Si l’envoi par lettre recommandée n’est en principe pas une formalité substantielle, il n’en reste pas moins que l’information de l’employeur doit être faite par écrit et qu’un certificat médical écrit doit lui être transmis(3). La remise du certificat médical s’effectue en principe soit par lettre recommandée, soit par remise en mains propres contre signature par l’employeur d’un accusé de réception. L’envoi par fax à l’employeur du certificat médical attestant la grossesse a également été admis(4).
Enfin, la période d’essai n’étant suspendue qu’à compter de la remise effective du certificat médical, l’employeur informé de l’état de grossesse de la salariée mais ne possédant pas encore le certificat médical, pourrait être amené à résilier le contrat à l’essai avant la production du certificat médical. Cependant, si l’employeur résilie le contrat à l’essai avant la production du certificat médical, la salariée dispose de la faculté de justifier son état de grossesse par la production d’un certificat médical par lettre recommandée dans un délai de 8 jours à compter de la notification(5).

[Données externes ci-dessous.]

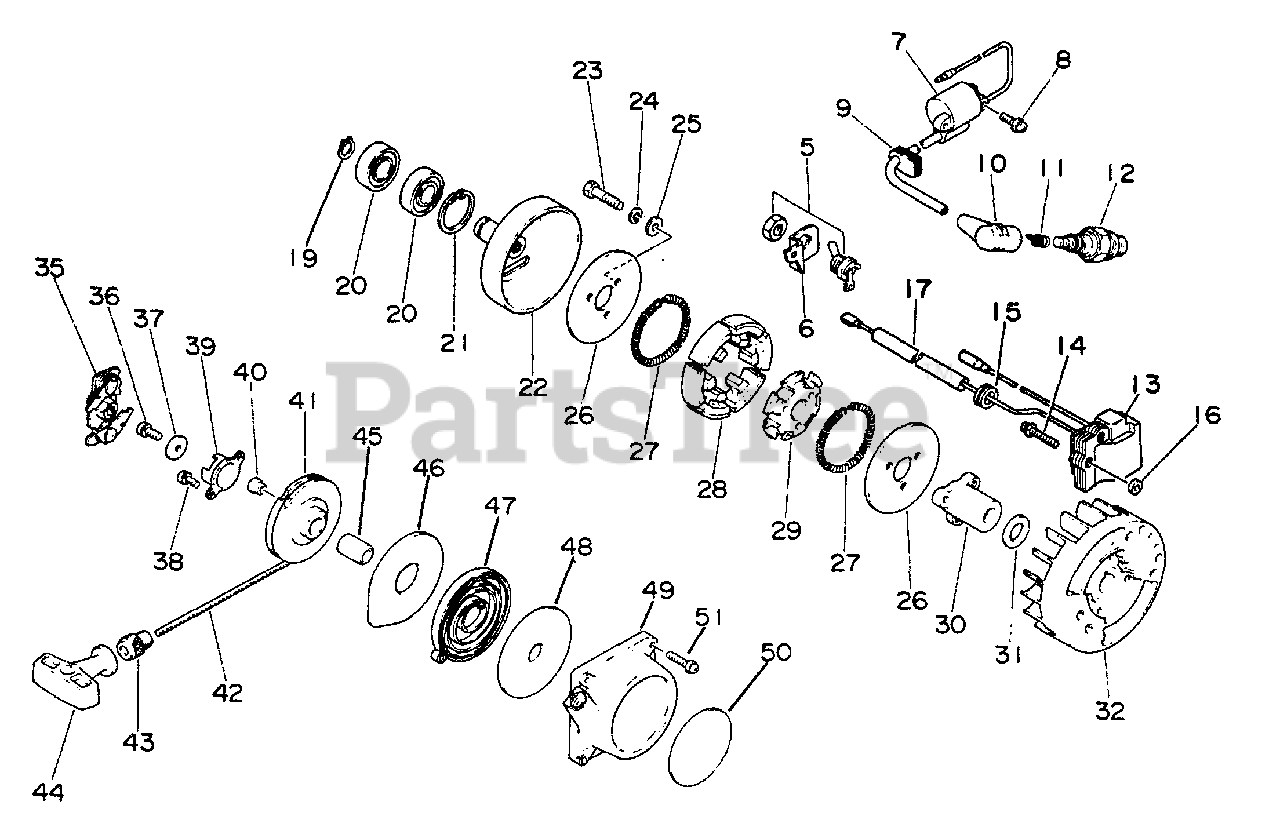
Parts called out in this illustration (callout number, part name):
5	IGNITION SWITCH KIT
6	BRACKET, SWITCH
7	COIL, IGNITION
8	SCREW - 4X14
10	CAP, SPARK PLUG
11	TERMINAL, SPARK PLUG CAP
12	SPARK PLUG -- BPM-7A
13	COIL, IGNITION
14	SCREW - 4X22
17	TUBE
19	RING, RETAINING - 15
20	BEARING, BALL - 6203
21	RING, RETAINING - 35
22	DRUM, CLUTCH
23	BOLT - 5X25
24	LOCKWASHER - 5
25	WASHER - 5
26	PLATE, CLUTCH
27	SPRING, CLUTCH
28	SHOE, CLUTCH
29	HUB, CLUTCH
30	ADAPTOR
31	WASHER
32	FLYWHEEL
35	STARTER PAWL ASSY
36	SCREW - 5X10
37	WASHER - 5
38	SCREW - 4X8
39	CATCHER, PAWL
40	RETAINER, ROPE
41	REEL, ROPE
42	ROPE, STARTER - 3.5X850
43	GUIDE, ROPE
44	GRIP, STARTER
46	PLATE, STARTER
47	SPRING, REWIND
48	PLATE, STARTER
49	CASE, STARTER
50	LABEL - ECHO
51	SCREW - 4X20

1.2. Date de fin de la suspension du contrat à l’essai
La fraction de la période d’essai restant à courir reprend son cours à la fin de la période d’interdiction de licenciement(6), c’est-à-dire à la fin d’une période de 12 semaines suivant l’accouchement(7).
A ce titre, la protection contre le licenciement s’applique dès la remise du certificat médical attestant de la grossesse, puis pendant toute la durée de la grossesse, et se prolonge pendant les 12 semaines qui suivent l’accouchement.

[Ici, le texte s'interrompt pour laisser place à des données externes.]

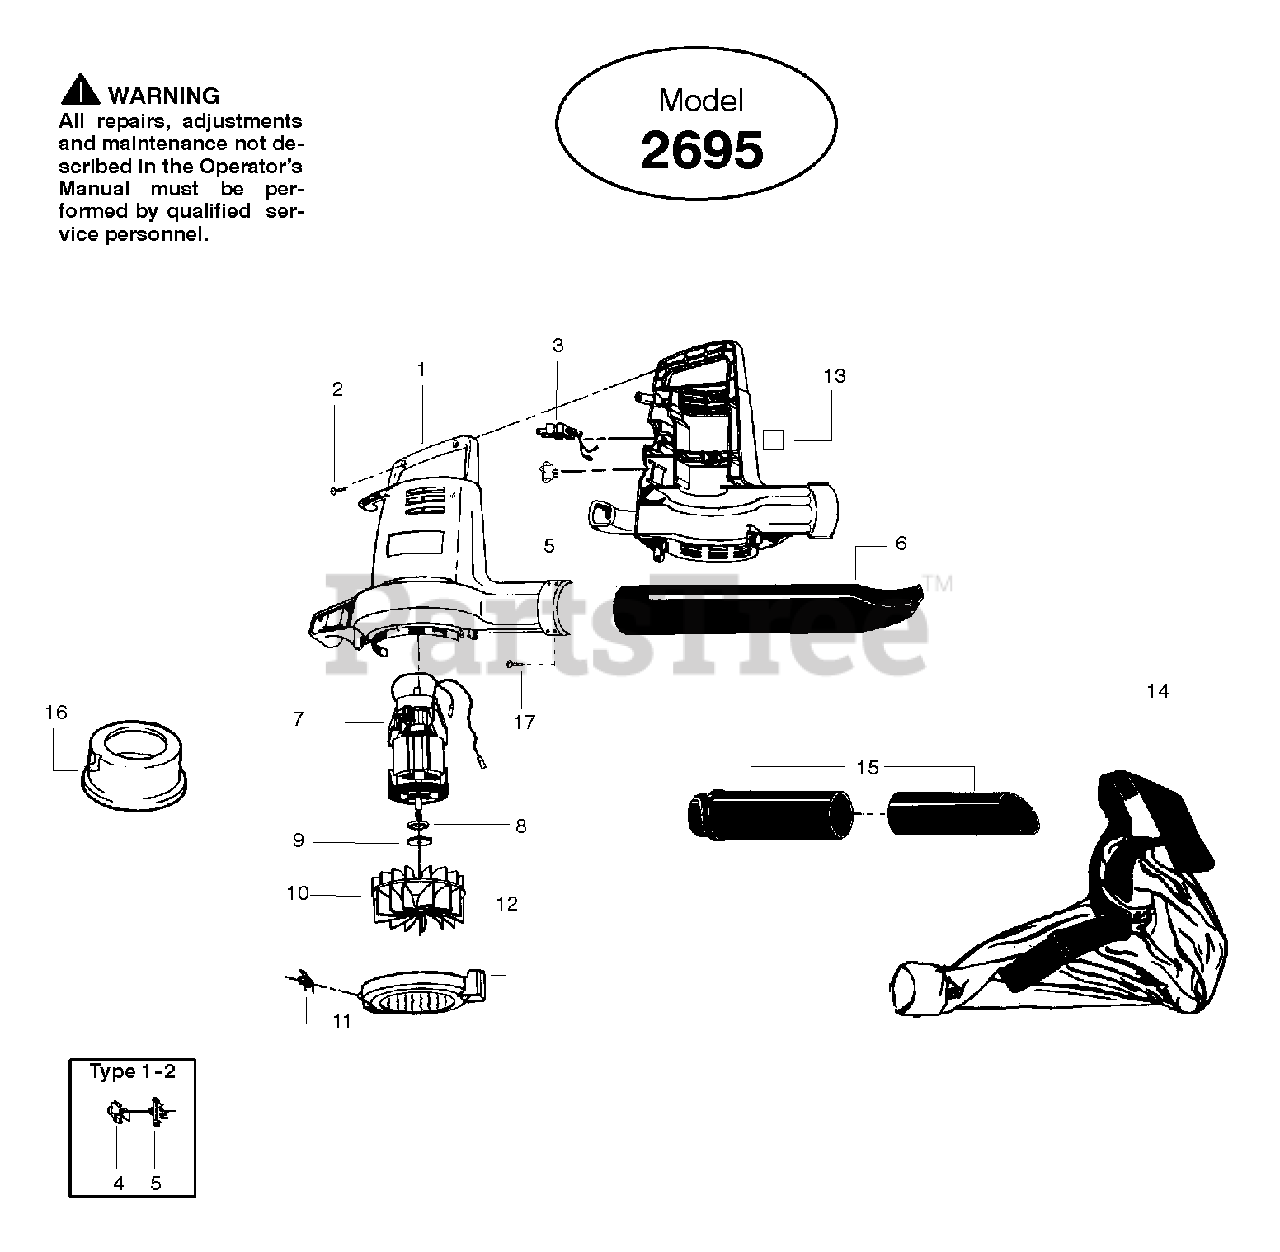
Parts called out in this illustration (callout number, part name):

En pratique, la salariée est absente pendant le congé de maternité, qui est constitué d’un congé prénatal d’un délai minimum de 8 semaines précédant la date présumée de l’accouchement(8), et d’un congé postnatal d’une durée de 8 semaines à compter de la date de l’accouchement indiqué par le certificat médical(9).

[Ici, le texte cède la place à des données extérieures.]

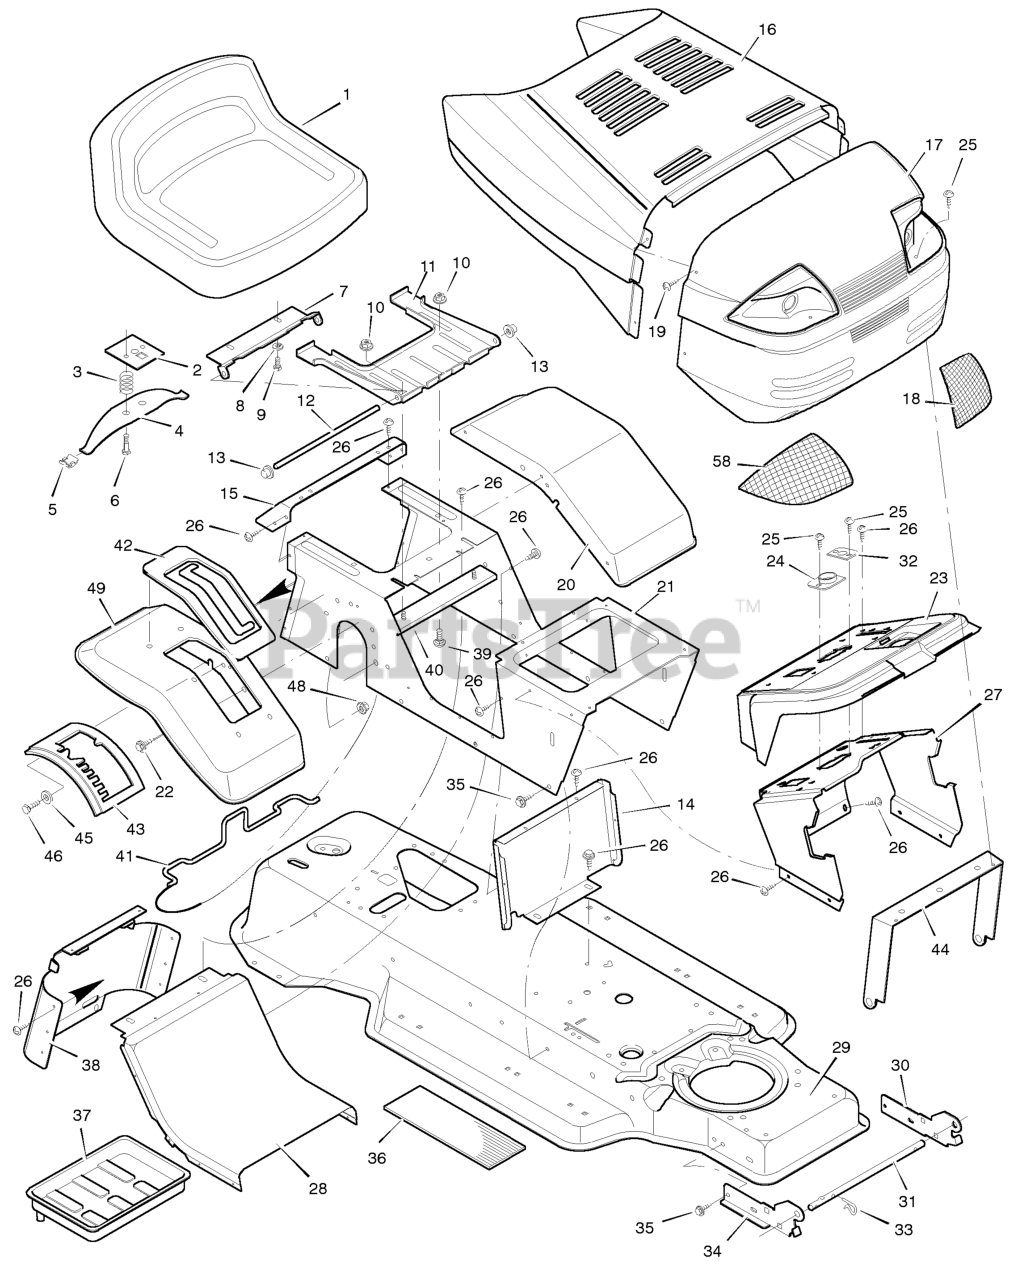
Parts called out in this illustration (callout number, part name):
2	Plate Assembly, Switch
3	Spring, Compression
4	Spring, Seat
5	Glide, Spring
6	Bolt, Shoulder
7	Support, Seat
8	Lockwasher
9	Bolt, Hex
10	Locknut, Flange
11	Bracket, Pivot
12	Rod, Pivot
13	Cap, Push On
14	Insert, Front
15	Fender, Apron
17	Grille Assembly
18	Lens, Left
21	Console Assembly
23	Dash Panel
24	Bearing, Steering
26	Screw
27	Support, Dash
28	Insert, Rear
29	Frame Assembly
30	Bracket, Left Grille
31	Rod, Pivot
32	Bearing
33	Pin, Hair
34	Bracket, Right Grille
37	Tray, Battery
38	Cap, Console
39	Bolt
40	Channel Assembly
41	Clamp, Battery
42	Cover, Shift
43	Gate, Shift
44	Brace, Grille
46	Bolt, Hex
48	Locknut
49	Fender, SOG
58	Lens, Right

Il s’en suit que la salariée peut être amenée à revenir travailler dès l’expiration de son congé maternité, soit 8 semaines après l’accouchement. Néanmoins, cette dernière reste protégée contre la résiliation de son contrat à l’essai pendant les 4 semaines restantes, étant donné que la protection est prévue pendant une période de 12 semaines suivant l’accouchement.
Par conséquent, la fin de la protection contre le licenciement et ainsi la fin de la suspension du contrat à l’essai correspond à l’expiration des 12 semaines suivant la date effective de l’accouchement (et non la date originairement prévue)(10).
En pratique, afin de déterminer la date exacte d’expiration des 12 semaines suivant l’accouchement, il convient de s’interroger sur le point de départ des 12 semaines, à savoir la prise en compte du jour même de l’accouchement, ou du lendemain, comme premier jour des 12 semaines.
Selon la Caisse nationale de santé, la date effective de l’accouchement (à 00h) constitue le point de départ pour déterminer la date d’expiration des 12 semaines suivant la date de l’accouchement.
Par exemple, si la salariée a accouché le lundi 3 mars 2014, la période de protection expirera, selon la Caisse nationale de santé, le dimanche 25 mai 2014 (à 24h). La période d’essai recommencera à courir à compter du lundi 26 mai 2014, premier jour possible de résiliation du contrat de travail.
Le calcul retenu par la Caisse nationale de santé n’est cependant pas toujours suivi par les juridictions du travail(11), qui ont appliqué dans certains cas, la méthode de computation des délais(12) au calcul des périodes de protection. Selon cette méthode de calcul, le délai court à partir du « dies a quo » (jour à partir duquel le délai commence à courir), à minuit (24h), jusqu’au « dies ad quem » (jour où le délai expire), à minuit (24h).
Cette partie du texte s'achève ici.